If this wasn’t enough to make the Assembly consider finding a permanent meeting site in Philadelphia, the threat of leaving town altogether did. In 1728, with new representatives coming in from western counties such as Lancaster, many legislators were acutely aware that Philadelphia was hardly as central as it had once been. With this in mind, the Assembly asked the governor and Council to consider an entirely new location for the seat of government. Respond­ing quickly to the grim possibility that their city would cease to be the state capital, Philadelphians successfully petitioned the Assembly to make immediate plans for building an official state house.

Speaker of the Assembly and lawyer Andrew Hamilton, physician John Kearsley, and merchant Thomas Lawrence were charged with overseeing the project. They failed miserably as a committee; they disagreed and wrangled over both the building’s site and design. Although the legislature authorized the construction of a state house in 1729, more than one year passed before any progress was made. Even then, it was made only at the instigation of an exasperated Hamilton, who took matters into his own hands and began acquiring building materials, as well as land along Chestnut Street between Fifth and Sixth streets. Kearsley continued to protest, forcing the Assembly in 1732 to meet for a hearing on the matter. Andrew Hamilton, who is today best known for mounting a success­ful defense in the celebrated 1735 freedom of the press trial of publisher John Peter Zenger, emerged victorious; the legislators, approving his choice of site and concept for the building, granted him supervisory control over the project. Hamilton enlisted help in drawing up the plan from master carpenter Edmund Woolley, although it is not clear which individual to credit as the building’s chief designer.
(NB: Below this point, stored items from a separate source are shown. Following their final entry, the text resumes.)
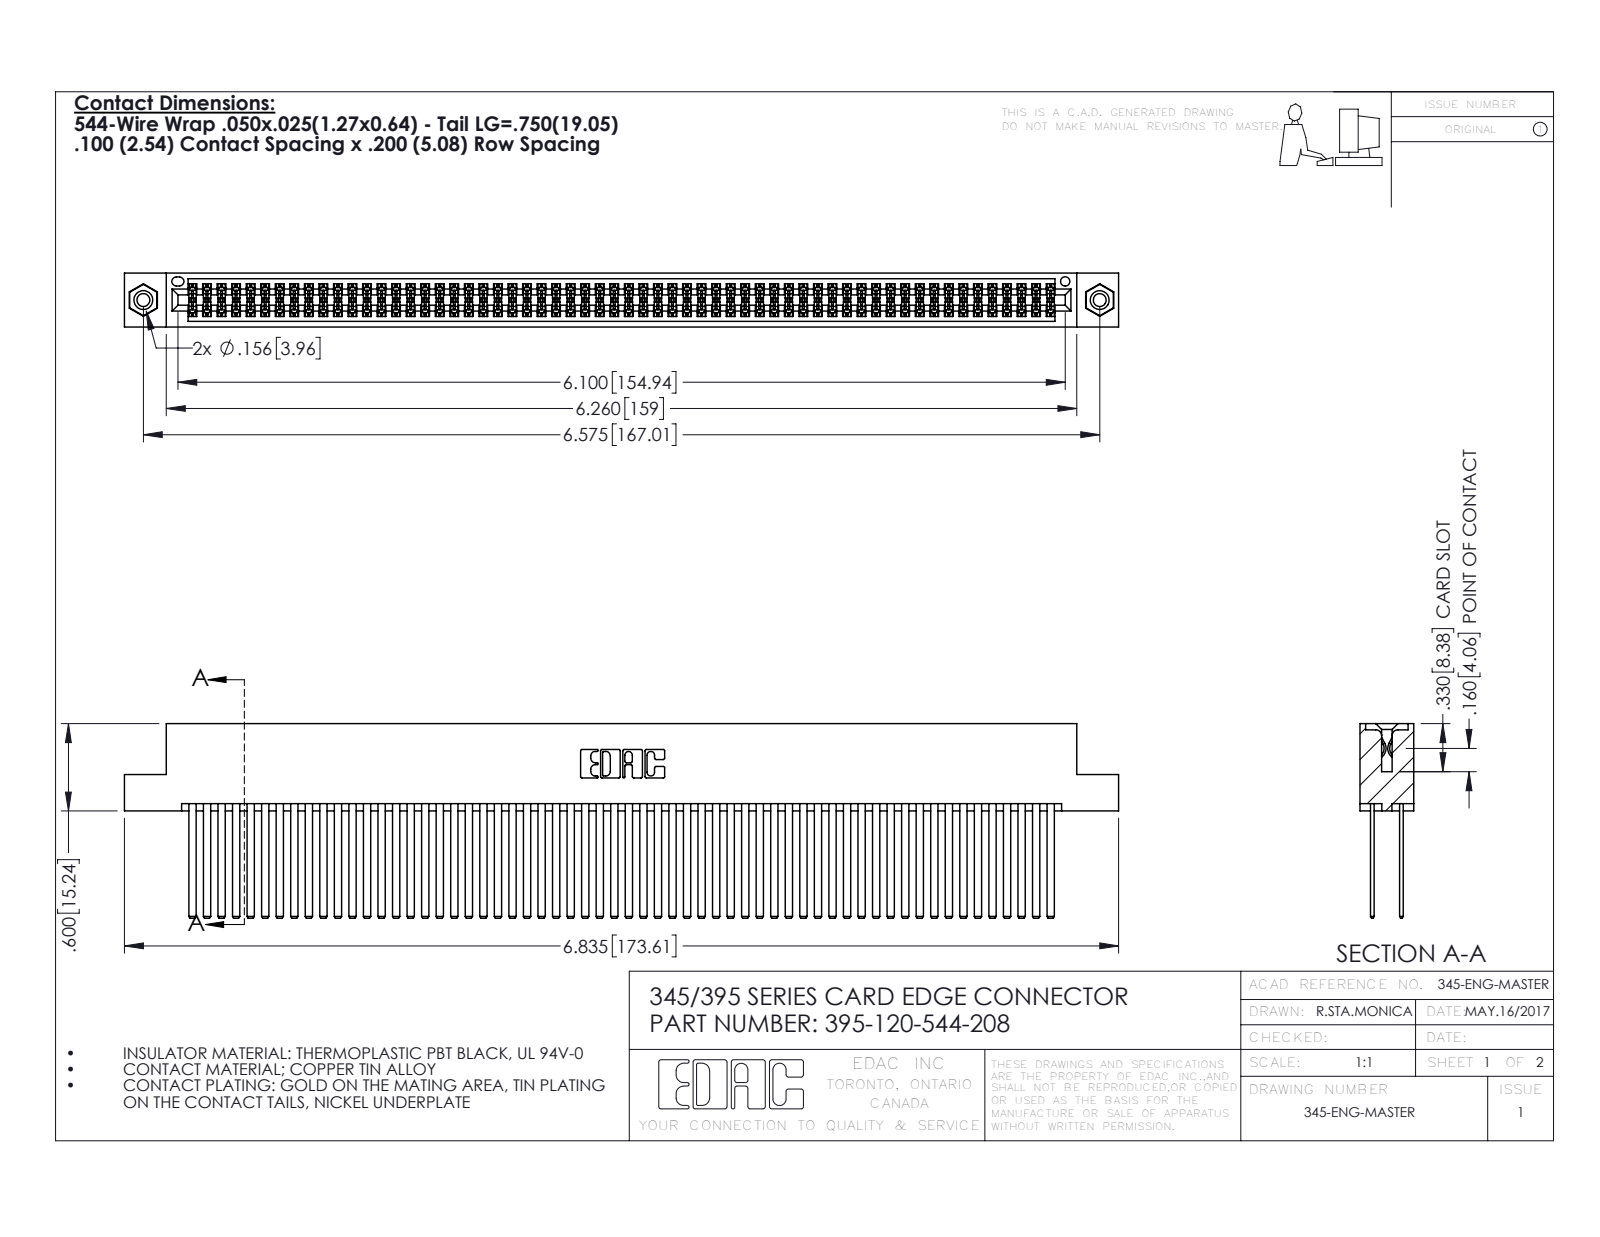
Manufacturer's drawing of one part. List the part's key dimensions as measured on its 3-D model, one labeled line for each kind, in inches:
Part name (STEP PRODUCT): 395-120-544-208; 345 Part_Flush Mounting Lugs - 0.156 Dia-TI; 345-292-001_345-293-144; 345-250-001_345-250-003-102
STEP written by: SolidWorks 2016 (CONFIG_CONTROL_DESIGN)
Units: inches
Bodies: 123 solids, 5466 faces (3592 planar, 1858 cylindrical, 16 other)
Overall size (bounding box): 6.835 × 1.337 × 0.37
Volume: 1.142 in³ · Surface area: 51.06 in²
Round holes (diameter × count): ⌀0.089 ×2, ⌀0.125 ×2, ⌀0.156 ×2, ⌀0.064 ×1
Round bosses / shafts (diameter × count): ⌀0.155 ×2
Partial cylindrical surfaces — rounded edges, fillets, slot ends (radius × count): R0.006 ×180, R0.01 ×22, R0.007 ×6, R0.031 ×6, R0.026 ×3, R0.014 ×2, R0.019 ×2, R0.022 ×2
Main face-to-face distances: 0.2, 0.025, 0.072, 0.098, 0.272, 0.298, 0.225, 0.175, 0.37, 0.05
Hole centre spacings: 0.27, 6.339, 6.575

In any case, the final result – Pennsylvania’s first state house – emerged as one of the handsomest buildings of the colonial era. Its Georgian style owed its grandeur to the balance and symmetry of the classical Palladian architecture from which it was derived: the door stood in the direct center of the building with an equal number of perfectly aligned windows on either side. Details such as keystones over the windows and stone panels between the floors provided both visual interest and unifying architectural elements. Except for the interior, the structure was completed by 1735. Two office wings, connected to the main building by arcades, were added the following year. A tower with an impressive staircase and steeple, as well as the great liberty bell, was not installed until 1753. Benjamin Franklin, having a final word in the matter, saw to it that a lightning rod to his specifica­tions was also secured in the new state building.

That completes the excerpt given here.